# What to work on
Check every line of the data below for the word "Shutter". Copy the ones that have it.
══ Material provided
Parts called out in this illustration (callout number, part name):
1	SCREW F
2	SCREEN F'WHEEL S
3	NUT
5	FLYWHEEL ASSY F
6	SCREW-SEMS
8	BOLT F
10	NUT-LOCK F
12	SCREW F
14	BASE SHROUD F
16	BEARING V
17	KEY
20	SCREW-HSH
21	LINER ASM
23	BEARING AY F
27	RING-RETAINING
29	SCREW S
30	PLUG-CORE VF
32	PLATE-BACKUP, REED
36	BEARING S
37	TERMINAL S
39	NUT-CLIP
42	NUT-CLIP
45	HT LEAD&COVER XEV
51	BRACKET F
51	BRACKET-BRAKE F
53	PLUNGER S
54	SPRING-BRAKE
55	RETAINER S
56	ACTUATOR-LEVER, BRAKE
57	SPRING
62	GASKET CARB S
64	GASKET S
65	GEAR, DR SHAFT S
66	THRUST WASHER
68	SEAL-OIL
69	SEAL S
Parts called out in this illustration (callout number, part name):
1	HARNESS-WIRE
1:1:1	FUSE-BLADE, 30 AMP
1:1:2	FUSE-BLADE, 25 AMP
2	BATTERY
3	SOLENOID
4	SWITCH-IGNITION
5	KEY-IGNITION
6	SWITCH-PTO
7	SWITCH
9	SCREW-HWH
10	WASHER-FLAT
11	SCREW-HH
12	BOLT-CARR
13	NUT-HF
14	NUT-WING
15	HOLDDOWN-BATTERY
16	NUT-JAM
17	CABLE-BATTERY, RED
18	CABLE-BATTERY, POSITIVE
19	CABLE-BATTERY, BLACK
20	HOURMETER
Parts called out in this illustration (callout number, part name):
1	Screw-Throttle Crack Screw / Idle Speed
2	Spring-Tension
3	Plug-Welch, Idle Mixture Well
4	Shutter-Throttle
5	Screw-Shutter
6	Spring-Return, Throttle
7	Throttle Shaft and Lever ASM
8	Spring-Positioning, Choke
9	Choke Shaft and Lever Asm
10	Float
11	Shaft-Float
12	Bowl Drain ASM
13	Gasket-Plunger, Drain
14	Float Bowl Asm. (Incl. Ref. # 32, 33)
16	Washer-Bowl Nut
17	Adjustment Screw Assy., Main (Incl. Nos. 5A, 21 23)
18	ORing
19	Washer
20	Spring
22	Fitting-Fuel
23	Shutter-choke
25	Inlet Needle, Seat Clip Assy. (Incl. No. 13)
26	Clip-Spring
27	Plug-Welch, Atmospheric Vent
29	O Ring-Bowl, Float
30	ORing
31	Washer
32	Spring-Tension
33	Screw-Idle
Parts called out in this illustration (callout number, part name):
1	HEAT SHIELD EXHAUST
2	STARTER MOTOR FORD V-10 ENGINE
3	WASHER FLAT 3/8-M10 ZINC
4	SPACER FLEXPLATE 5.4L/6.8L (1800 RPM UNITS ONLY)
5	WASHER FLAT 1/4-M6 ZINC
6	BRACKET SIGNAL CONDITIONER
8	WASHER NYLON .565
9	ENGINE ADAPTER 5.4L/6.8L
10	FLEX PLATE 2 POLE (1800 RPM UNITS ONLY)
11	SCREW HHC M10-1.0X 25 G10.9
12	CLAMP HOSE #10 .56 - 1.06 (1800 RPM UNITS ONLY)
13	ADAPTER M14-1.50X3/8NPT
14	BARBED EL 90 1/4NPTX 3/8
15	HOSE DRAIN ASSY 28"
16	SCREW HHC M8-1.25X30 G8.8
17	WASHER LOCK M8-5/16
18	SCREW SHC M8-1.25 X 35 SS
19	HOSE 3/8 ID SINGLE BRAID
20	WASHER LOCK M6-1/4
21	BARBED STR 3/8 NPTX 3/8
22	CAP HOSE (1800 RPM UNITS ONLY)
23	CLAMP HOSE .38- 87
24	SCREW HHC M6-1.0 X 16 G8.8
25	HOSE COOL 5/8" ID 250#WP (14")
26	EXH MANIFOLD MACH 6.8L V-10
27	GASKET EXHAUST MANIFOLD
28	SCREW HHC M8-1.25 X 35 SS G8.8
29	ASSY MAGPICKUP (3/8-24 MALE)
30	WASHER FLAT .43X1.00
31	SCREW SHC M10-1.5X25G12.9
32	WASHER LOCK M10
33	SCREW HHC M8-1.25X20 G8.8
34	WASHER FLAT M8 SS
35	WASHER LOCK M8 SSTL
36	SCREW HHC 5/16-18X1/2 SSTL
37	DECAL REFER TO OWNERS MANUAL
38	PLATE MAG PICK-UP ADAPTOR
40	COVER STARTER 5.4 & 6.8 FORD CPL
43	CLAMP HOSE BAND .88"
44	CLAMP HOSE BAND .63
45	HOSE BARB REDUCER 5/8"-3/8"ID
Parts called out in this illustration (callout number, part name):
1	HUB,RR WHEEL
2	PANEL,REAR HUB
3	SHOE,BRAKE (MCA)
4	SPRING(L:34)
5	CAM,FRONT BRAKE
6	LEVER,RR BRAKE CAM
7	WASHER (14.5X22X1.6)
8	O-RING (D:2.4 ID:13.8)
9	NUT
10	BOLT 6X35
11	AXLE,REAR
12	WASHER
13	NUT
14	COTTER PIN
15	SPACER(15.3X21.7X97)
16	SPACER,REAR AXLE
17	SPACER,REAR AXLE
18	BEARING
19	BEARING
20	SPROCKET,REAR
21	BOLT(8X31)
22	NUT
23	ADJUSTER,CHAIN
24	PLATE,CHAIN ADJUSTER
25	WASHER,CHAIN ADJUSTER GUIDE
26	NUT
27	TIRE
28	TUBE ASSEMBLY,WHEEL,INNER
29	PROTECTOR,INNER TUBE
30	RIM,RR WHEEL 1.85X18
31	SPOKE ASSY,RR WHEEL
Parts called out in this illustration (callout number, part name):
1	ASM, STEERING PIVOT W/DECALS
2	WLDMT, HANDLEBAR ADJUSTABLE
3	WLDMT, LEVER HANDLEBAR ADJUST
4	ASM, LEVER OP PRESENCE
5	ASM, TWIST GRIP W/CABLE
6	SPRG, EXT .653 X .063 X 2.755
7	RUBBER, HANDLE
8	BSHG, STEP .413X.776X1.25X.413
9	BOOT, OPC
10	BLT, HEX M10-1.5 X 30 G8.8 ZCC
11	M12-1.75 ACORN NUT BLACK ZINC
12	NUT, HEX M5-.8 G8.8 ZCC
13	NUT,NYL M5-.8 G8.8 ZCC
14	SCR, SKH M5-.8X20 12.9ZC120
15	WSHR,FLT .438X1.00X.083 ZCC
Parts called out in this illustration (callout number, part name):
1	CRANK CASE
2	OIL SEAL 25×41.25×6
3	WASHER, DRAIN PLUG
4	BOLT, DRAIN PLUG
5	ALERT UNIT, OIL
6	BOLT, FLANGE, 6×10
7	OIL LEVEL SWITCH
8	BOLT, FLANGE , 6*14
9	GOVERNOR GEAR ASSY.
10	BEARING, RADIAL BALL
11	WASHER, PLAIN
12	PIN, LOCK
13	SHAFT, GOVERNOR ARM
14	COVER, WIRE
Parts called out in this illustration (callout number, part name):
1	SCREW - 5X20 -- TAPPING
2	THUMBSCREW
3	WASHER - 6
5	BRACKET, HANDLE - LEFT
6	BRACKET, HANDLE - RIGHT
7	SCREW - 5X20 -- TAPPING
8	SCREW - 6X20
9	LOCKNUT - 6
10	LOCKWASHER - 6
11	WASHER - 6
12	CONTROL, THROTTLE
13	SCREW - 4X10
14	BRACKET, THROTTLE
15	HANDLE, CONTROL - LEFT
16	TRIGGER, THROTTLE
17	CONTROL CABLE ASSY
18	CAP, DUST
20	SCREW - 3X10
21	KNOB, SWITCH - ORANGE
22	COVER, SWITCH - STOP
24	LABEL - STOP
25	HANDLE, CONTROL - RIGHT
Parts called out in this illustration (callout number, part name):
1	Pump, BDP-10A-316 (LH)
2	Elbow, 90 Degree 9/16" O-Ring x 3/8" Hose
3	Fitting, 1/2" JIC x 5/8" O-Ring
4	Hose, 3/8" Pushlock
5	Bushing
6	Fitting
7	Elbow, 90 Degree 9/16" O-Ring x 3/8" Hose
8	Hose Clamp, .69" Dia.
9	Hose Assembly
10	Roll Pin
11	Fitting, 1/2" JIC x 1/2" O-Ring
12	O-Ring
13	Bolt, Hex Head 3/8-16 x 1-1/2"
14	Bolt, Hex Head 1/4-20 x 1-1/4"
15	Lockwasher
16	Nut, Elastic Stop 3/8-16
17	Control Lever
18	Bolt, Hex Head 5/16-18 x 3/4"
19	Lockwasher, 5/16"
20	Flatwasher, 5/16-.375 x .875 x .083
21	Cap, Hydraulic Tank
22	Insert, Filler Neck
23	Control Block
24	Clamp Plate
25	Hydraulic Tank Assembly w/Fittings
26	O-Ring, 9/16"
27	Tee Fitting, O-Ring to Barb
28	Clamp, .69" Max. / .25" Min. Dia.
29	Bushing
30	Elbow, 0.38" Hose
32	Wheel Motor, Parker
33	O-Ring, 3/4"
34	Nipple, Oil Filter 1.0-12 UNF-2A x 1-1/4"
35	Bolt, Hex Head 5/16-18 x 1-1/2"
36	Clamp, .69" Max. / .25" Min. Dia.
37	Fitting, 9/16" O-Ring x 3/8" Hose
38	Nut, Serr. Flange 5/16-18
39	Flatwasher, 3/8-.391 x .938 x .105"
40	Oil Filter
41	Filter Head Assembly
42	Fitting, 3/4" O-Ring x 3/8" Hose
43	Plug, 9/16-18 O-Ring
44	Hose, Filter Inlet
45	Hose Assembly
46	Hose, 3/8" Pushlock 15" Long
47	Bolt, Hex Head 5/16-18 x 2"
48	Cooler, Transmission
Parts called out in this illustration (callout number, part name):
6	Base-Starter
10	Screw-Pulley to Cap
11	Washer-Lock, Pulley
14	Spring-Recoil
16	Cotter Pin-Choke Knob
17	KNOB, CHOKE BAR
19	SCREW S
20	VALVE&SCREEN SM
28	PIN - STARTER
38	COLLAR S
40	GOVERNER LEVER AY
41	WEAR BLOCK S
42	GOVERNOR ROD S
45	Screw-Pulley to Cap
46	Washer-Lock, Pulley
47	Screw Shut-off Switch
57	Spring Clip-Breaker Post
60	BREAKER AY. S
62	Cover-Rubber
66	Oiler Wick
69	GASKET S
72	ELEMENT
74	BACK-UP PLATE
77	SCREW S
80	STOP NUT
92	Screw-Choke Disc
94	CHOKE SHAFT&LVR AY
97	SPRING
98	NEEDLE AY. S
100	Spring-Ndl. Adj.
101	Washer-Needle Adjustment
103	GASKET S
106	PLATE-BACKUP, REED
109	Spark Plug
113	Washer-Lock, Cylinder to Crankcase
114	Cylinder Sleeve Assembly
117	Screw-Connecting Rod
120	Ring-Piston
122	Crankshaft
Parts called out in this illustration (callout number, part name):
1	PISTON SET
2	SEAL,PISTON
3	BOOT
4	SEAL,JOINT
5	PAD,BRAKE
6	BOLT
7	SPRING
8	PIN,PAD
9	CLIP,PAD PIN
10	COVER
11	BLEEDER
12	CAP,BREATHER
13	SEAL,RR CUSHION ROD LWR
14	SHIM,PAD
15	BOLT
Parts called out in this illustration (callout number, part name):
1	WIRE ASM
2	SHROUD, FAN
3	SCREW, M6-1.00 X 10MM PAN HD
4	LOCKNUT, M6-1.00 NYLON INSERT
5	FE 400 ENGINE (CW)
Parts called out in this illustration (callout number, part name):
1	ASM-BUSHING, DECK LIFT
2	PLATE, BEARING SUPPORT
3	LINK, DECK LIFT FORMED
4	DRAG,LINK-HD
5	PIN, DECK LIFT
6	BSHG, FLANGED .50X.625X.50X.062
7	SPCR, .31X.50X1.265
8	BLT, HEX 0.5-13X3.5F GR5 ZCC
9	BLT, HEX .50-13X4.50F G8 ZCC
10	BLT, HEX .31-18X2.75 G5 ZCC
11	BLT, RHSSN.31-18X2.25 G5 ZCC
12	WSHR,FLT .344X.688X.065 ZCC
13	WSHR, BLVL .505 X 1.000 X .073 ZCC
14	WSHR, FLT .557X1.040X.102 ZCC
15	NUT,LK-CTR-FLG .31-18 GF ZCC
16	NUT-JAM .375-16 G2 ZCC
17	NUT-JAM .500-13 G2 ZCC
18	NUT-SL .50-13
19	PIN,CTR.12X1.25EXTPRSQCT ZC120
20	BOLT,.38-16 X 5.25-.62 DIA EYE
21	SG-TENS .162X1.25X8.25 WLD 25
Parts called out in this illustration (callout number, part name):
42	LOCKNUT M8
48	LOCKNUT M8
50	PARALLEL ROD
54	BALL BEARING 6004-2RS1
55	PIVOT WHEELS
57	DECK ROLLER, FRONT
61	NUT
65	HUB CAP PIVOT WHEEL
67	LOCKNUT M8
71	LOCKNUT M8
════
# Task output
4	Shutter-Throttle
5	Screw-Shutter
23	Shutter-choke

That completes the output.